Scaling long-running autonomous coding
Use of libraries and “from scratch” claims
- Commenters note substantial reliance on existing libraries (e.g., HTML and CSS layout crates), questioning the “from scratch” framing.
- Some say this doesn’t materially reduce the achievement as a demo of what agents can do; others see it as the strongest argument that this is more “glue + wrappers” than a new engine.
Correctness, testing, and verification gaps
- Multiple people highlight that rendering something is easy; doing it fast, correct, and secure is the hard part.
- There’s frustration that the experiment write-up says little about systematic testing: use of web-platform-tests, fuzzing with random pages, crash feedback loops, etc.
- Several predict that as code generation gets cheaper, most effort will shift to specification and automated verification.

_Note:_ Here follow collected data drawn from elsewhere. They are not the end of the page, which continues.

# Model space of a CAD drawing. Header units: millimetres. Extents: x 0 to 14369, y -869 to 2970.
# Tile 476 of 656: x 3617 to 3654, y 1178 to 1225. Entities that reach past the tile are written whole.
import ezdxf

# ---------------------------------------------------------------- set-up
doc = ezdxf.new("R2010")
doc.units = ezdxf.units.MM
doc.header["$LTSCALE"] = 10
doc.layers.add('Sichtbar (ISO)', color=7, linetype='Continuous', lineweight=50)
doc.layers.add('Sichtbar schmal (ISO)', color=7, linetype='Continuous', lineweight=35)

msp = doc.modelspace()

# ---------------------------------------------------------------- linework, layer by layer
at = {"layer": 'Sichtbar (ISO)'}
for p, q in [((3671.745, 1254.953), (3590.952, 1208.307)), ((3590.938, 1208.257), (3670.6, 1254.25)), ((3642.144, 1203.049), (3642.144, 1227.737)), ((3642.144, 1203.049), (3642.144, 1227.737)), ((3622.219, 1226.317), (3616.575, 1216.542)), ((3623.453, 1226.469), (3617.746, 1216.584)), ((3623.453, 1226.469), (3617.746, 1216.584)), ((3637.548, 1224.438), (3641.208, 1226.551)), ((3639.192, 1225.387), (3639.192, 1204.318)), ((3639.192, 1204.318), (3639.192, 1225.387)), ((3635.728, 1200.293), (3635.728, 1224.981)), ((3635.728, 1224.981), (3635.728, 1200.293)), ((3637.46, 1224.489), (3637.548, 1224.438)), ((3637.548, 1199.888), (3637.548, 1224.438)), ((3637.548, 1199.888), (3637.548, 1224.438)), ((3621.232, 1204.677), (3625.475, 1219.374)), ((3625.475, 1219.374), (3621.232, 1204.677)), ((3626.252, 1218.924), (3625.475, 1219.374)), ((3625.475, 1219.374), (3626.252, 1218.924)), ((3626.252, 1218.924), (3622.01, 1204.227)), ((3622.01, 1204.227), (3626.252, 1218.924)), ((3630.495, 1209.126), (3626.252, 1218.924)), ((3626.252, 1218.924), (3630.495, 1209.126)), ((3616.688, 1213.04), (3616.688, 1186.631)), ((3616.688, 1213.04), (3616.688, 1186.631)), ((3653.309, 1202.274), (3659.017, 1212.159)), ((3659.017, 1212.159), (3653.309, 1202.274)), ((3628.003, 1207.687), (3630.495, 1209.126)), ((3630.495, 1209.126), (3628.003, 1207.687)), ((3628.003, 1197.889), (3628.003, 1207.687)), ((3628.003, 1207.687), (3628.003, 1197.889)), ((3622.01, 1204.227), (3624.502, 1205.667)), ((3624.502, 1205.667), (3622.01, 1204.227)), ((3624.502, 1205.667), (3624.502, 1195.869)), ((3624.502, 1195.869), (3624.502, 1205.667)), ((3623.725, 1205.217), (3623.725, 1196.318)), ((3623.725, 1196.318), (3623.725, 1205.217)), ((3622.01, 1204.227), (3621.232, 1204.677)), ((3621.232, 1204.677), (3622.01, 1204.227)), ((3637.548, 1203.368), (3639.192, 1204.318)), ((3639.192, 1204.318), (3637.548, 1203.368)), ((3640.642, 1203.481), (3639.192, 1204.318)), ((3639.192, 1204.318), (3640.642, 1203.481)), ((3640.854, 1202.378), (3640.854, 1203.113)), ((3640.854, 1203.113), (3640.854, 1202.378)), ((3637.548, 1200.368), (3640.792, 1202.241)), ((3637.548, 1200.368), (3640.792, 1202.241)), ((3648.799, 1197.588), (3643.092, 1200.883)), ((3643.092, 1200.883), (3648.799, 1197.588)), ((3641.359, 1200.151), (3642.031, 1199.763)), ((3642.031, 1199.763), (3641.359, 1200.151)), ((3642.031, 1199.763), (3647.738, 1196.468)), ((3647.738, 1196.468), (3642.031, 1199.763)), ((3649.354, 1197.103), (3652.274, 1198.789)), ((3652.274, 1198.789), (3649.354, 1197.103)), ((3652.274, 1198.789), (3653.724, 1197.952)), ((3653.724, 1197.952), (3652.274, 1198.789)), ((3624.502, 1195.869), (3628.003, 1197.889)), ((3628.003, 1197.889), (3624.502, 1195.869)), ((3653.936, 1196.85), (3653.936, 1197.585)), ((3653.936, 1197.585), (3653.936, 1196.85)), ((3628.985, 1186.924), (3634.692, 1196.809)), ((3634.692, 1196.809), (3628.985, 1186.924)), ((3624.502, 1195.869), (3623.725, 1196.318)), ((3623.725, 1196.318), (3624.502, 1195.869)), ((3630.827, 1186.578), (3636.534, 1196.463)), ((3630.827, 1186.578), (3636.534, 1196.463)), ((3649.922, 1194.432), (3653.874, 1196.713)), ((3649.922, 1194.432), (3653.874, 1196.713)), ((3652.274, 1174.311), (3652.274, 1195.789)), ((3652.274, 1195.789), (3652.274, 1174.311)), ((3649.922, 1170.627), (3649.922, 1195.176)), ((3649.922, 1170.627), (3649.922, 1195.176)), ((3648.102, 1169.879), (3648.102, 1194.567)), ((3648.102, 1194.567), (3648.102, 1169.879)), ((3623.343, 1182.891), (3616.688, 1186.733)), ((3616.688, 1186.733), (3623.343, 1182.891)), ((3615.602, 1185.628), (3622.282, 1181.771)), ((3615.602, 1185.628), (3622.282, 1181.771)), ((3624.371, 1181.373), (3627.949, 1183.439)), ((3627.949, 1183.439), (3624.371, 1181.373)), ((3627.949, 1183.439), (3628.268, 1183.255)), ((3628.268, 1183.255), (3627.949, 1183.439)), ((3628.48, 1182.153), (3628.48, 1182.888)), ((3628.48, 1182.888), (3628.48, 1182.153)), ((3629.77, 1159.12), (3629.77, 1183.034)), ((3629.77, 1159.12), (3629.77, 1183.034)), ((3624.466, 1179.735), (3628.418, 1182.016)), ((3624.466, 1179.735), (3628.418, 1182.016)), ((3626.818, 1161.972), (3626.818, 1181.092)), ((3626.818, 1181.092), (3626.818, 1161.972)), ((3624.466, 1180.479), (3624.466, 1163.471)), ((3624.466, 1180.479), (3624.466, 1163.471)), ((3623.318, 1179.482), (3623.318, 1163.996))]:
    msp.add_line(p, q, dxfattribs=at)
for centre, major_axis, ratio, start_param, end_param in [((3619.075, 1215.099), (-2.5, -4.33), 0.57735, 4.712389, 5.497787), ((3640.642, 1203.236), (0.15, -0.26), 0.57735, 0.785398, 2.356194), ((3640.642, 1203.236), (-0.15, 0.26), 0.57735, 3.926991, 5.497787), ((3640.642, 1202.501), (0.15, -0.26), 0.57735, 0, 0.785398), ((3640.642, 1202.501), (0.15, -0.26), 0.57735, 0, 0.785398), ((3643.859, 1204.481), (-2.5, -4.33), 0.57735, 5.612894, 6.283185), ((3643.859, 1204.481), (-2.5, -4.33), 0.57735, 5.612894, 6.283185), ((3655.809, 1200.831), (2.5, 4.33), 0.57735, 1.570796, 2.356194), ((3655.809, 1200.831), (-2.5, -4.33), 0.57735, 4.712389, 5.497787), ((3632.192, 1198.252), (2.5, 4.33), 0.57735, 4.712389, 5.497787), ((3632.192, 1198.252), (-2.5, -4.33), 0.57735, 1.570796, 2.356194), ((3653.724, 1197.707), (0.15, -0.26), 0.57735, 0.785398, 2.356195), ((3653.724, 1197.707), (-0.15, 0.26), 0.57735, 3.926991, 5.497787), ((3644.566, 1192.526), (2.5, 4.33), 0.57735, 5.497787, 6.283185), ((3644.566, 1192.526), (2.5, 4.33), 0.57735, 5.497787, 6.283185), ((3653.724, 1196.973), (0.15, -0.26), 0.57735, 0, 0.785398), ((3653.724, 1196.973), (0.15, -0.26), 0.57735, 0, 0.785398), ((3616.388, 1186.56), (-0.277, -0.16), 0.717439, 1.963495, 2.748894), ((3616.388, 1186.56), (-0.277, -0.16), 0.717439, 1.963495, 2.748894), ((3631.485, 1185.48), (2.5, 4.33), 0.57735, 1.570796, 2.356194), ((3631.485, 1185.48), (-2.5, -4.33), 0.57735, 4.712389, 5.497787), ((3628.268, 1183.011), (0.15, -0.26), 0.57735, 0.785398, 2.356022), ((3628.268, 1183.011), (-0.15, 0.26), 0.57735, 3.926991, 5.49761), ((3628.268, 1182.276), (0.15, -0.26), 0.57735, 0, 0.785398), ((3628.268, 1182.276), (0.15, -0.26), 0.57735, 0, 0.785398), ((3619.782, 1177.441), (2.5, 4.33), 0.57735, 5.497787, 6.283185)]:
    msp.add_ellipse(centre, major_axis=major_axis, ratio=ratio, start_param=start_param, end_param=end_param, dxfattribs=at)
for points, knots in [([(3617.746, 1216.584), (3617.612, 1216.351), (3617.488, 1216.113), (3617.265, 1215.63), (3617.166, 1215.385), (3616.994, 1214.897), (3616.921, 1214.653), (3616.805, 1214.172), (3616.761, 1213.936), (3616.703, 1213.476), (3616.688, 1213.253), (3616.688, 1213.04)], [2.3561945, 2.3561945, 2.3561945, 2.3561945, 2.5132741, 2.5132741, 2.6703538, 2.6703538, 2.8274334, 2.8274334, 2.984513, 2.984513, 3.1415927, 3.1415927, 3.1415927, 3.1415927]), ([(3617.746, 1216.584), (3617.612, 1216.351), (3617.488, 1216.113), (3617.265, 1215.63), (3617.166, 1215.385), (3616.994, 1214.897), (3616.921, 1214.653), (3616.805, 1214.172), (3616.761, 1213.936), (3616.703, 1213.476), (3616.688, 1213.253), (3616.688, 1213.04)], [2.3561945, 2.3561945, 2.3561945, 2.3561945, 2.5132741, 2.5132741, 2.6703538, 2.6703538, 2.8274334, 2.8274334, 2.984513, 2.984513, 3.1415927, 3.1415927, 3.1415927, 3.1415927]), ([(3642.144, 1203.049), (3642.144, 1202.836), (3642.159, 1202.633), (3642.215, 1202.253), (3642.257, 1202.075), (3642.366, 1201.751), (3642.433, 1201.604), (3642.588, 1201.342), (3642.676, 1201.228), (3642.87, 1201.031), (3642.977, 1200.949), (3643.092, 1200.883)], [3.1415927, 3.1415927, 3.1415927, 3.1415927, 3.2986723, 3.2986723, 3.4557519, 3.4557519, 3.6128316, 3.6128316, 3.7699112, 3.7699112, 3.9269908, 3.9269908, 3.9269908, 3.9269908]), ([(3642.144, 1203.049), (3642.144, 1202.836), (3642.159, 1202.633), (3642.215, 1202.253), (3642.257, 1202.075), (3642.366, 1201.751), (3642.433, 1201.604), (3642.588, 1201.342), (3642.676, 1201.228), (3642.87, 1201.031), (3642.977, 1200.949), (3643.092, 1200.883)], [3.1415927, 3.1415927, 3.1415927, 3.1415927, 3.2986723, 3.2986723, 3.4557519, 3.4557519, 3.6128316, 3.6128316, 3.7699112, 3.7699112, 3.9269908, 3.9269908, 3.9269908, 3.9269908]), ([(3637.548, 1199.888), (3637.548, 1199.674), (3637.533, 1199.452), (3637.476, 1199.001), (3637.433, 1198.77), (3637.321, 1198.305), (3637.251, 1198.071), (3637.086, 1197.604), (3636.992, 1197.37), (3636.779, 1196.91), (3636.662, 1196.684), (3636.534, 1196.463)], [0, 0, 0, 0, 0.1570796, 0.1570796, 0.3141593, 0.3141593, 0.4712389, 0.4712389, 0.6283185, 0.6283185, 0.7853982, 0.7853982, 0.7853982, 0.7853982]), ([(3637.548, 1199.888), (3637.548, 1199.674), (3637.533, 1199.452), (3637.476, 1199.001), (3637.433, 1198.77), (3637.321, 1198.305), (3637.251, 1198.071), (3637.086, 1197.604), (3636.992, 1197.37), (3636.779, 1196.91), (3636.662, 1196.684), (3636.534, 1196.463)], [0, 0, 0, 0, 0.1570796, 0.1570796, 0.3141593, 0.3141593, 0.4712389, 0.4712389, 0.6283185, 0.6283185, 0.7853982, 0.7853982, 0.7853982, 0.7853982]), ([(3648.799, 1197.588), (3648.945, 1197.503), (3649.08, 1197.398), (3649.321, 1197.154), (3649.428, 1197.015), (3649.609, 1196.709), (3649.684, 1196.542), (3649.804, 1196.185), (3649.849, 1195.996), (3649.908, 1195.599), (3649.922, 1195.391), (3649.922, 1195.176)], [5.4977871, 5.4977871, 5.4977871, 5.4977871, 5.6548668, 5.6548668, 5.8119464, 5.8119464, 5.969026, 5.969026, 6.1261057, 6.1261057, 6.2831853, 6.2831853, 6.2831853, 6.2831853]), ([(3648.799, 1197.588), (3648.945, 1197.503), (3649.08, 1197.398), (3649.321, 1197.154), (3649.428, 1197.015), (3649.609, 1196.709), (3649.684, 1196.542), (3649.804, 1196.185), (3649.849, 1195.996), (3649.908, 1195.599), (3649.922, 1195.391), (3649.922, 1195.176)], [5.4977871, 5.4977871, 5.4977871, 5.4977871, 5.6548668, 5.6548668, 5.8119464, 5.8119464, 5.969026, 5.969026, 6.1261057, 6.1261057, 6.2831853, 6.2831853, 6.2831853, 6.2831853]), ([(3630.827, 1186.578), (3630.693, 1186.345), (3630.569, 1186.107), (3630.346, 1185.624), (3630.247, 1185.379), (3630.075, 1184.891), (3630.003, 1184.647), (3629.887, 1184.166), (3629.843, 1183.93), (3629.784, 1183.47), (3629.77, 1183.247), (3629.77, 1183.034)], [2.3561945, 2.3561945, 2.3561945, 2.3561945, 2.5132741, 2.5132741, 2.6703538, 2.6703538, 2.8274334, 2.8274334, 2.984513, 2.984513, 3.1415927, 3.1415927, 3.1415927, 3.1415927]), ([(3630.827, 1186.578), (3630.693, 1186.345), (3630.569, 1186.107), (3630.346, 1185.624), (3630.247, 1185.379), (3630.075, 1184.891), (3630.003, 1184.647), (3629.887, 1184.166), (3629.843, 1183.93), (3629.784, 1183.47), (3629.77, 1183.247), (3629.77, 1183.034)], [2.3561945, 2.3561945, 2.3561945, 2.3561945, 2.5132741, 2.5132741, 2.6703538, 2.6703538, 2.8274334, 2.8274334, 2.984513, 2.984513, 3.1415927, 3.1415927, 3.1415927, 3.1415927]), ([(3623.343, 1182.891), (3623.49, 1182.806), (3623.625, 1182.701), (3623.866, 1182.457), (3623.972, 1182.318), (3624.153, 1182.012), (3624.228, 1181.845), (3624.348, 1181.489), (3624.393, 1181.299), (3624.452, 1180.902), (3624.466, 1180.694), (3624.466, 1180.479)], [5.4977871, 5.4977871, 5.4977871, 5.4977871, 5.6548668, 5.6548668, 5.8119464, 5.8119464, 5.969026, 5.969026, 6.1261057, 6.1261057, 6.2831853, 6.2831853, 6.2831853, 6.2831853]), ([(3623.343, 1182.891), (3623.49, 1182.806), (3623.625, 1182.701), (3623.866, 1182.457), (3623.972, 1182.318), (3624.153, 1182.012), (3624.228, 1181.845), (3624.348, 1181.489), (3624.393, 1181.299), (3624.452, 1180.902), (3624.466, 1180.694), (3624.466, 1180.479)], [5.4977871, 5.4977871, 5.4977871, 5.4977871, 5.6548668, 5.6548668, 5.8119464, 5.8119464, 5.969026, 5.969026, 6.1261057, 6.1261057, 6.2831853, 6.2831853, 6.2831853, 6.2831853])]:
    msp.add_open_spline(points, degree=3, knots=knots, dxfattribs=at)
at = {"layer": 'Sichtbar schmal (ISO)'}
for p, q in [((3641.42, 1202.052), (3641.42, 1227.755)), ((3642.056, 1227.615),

Autonomy vs human-guided architecture
- A recurring theme: autonomous agents can write lots of code, but produce incoherent, conceptually weak architectures.
- A browser engineer dissects subsystems (e.g., IndexedDB) and argues the design can’t evolve into a real multi-process engine; shared
Arc<Mutex<...>>state and odd rendering loops are cited as examples that diverge from web standards. - Proposed alternative: humans define architecture and constraints, agents handle implementation details within modular, human-reviewed loops—more like a traditional open-source project.
Maintainability and lifecycle concerns
- Several report AI-generated repos full of duplication and brittle quick fixes; maintainability is an open question, especially beyond a few months.
- Some speculate that future, better models might “clean up” older slop; others counter that current outputs are essentially throwaway.
- Questions are raised about how “autonomous” the week-long run really was and what human interventions occurred.
Browser as benchmark vs real-world relevance
- One side: browsers are among the most complex software systems; even partial success is a strong capability signal.
- Other side: this is an unusually favorable domain—clear specs, exhaustive tests, reference implementations, decomposable components, and models already trained on many browsers. Most real-world problems lack these properties.
Costs, impact, and philosophy
- Token usage in the trillions (implying multi‑million‑dollar spend) divides opinion: some see it as cheaper than a team, others say the resulting code isn’t worth even cents.
- Environmental and system-level cost comparisons (humans vs GPUs, datacenters, food, education) are deemed extremely complex.
- Long subthreads debate whether LLMs are “just remixers/statistical parrots” versus a nascent form of intelligence; there’s no consensus, but several stress that usefulness doesn’t require “true” understanding.
- Many conclude that tests, specs, and project context (docs, embedded standards) are the real long-term assets; raw code is increasingly commodity.